Wednesday 30 January 2008

T is for TOYS

OK, I know I said that I would move on to a new letter today but we had been talking in class yesterday about how life will have changed in the next fifty years and how some of the things we possess now, will probably be obsolete or non existent by then. And then I got thinking about Creamola Foam and Anglo bubble gum and a pupil this morning told me that her mum remembered a chocolate bar called Bar Six and before long I'm back nearly half a century, no longer thinking about sweets and drinks of my childhood and early teenage years but about the toys that kept me transfixed in my youth. Somewhere out of all of this reminiscing, I'm suddenly transported to a red 'Give a Show' projector that was lit by several large cylindrical batteries and came with about sixteen filmstrips each consisting of seven or so celluloid frames on a strip of cardboard that you could feed through the projector and shine on any wall. SO I had my own Yogi Bear, Popeye and Huckleberry Hound shows in the relative lack of privacy of my own kitchen where the wallpaper was flowered and made viewing interesting.

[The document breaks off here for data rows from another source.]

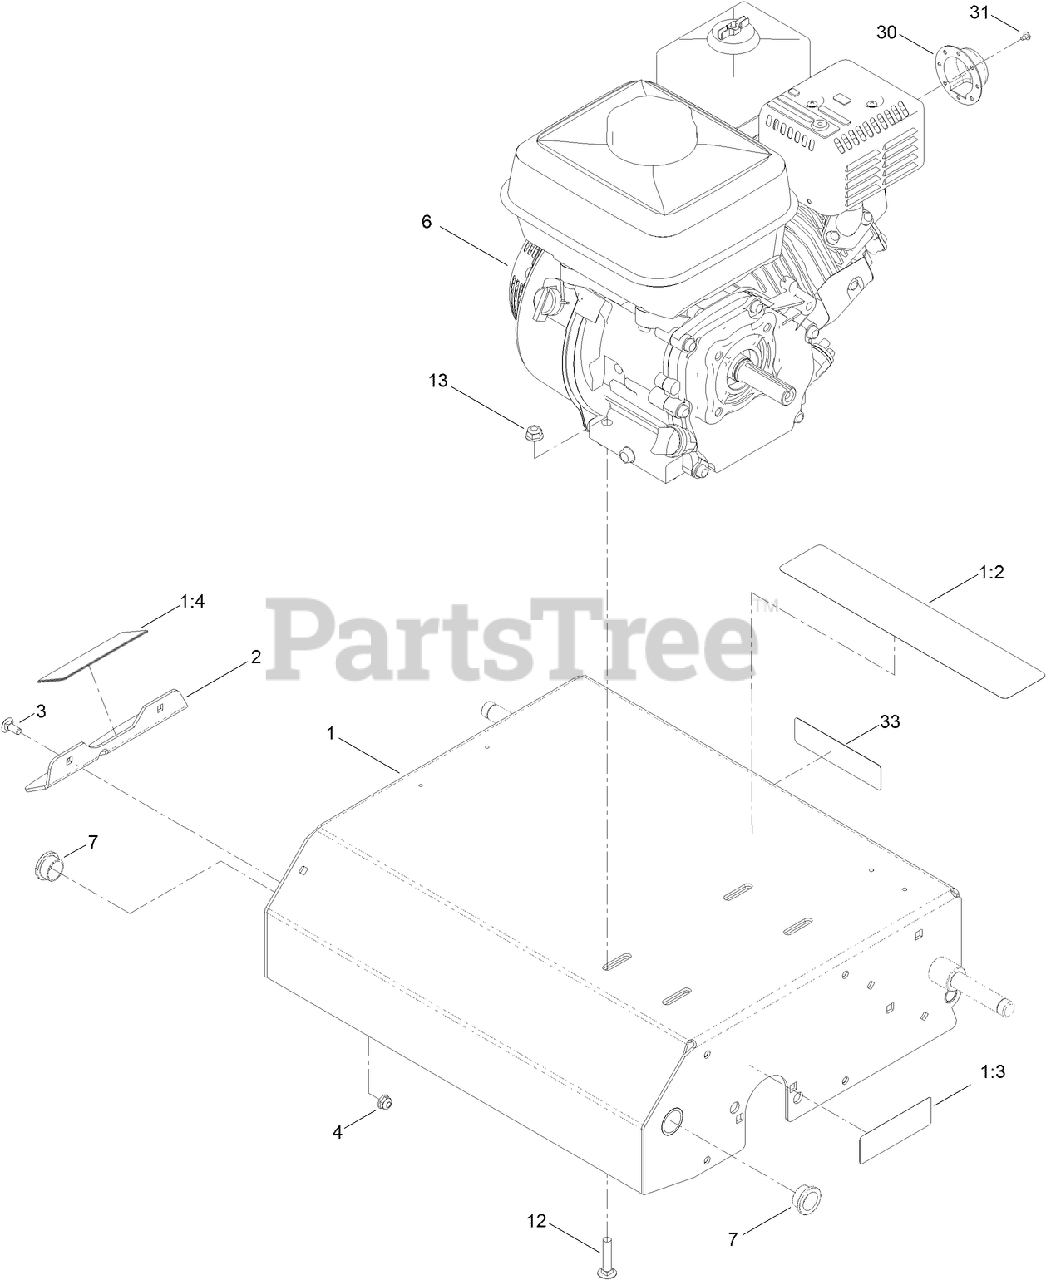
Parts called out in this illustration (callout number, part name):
1	FRAME ASM
1:2	DECAL-WARNING
1:3	DECAL-WARNING, SHIELDS
1:4	DECAL-DANGER
2	GUARD-HAND
3	SCREW-CARR
4	NUT-HF
7	BUSHING
12	BOLT-CARR
13	NUT-HF, NI
30	DEFLECTOR
31	SCREW-PPHTF
33	DECAL-ARRESTER, SPARK

Then I'm in the land of Subbuteo table soccer, complete with green cloth pitch that never lies flat on any table, especially where it has been folded, but who cares , because nobody has a table big enough for the pitch and, anyway, it lies much better on the sitting room carpet, with a few books at each corner to hold it in place. A small, plastic fence and two floodlights at diagonally opposite corners and, once everyone is sitting in the dark, the match can begin. Except, that in a hurry to line up a shot, my arm has accidentally trod on my number seven, who now lies motionless (as he always has done) and will take no further part in the game but looks like he might be out for the whole season. In Subbuteo, there is no transfer window, in fact there isn't even a substitute and as last week my number five fell victim to a heavy tackle from my right knee as I made my way across the pitch, I am now reduced to eight outfield players and a goalie. It's at times like this that I am thankful to the Subbuteo staff for making Subbuteo Rugby, which is meant to resemble the real game but does so in the same way that Cola Bottles sweets are supposed to be like the real thing. Anyway, like it or not my number fifteen, in red and white hoops, temporarily gives up his career as the Wigan full back and becomes a right winger with the England eleven. Now that's what I call a whole new ball game!

But before half time I'm again whisked away to where two cars are racing around a figure eight track with a little slot holding each in place, until after too many laps the connections are burnt off and the box doesn't come with any spares, so it's a DIY job in the pits with a few bits of bent metal that keep the race going just long enough until I grow tired and move on again. This time I'm stopping outside an old wooden fort, complete with wind up drawbridge, portcullis and ramp and a collection of very evil, medieval-looking characters, some on horseback with lances and most wielding swords and shields. As time passes, they become evicted from their home to be replaced by a bunch of cavalry, taking refuge from the Apaches and a horde of other redskin tribes, until a proper plastic fort, though much smaller in scale, but with its own lookout tower, arrives and the upturned fort now becomes a box for everything else.

And then I'm off again, marvelling at the little jewelled headlights on a gold coloured Dinky Cortina with opening front doors and a Britains Land Rover pulling a horsebox with working tailgate, while steering a Ford tractor in circles around a mat as it pulls a yellow Britains baler that is dropping off bales every few inches, but with only twelve bales in my total collection, it looks like the crop will be light again this year, in fact exactly the same as it was last year and the year before. And then it's the turn of the Lego bricks to reappear, nothing fancy , you understand, in fact not used for building as they once were, but now replacing the Subbuteo men as they take total control of the football pitch, shooting into the netted goals that have been trampled on so many times, they only now stand with the aid of vast quantities of sellotape at every joint. And before long I'm off again, reliving my childhood in the Scalextric set of my sons, the combine harvester that one of them pushes around the carpet on his birthday, Action Man, the Lego trucks, Thomas the Tank Engine railway, Thunderbirds Island, a karaoke machine, My Little Puppies and Chocolate money and suddenly life doesn't seem so long after all.

Paul in his writings in Corinthians says, 'When I was a child, I talked like a child, I thought like a child, I reasoned like a child. When I became a man, I put childish ways behind me.' And while that literally is true as we grow up into adulthood, isn't it equally true that to grow more in our faith requires us to move beyond the former things that once satisfied and to seek out a deeper understanding of our God and His love for us. And that's why Paul in his letter to the Hebrews writes, 'Anyone who lives on milk, being still an infant, is not acquainted with the teaching about righteousness. But solid food is for the mature, who by constant use have trained themselves to distinguish good from evil.' We need to move on from that initial childhood state after we're born again and seek the meat that is only found deeper in His Word.

I'll never forget the toys of my childhood, but I don't need them now. And I'll never forget my understanding of God as a child, but I've moved on. It's time to grow up.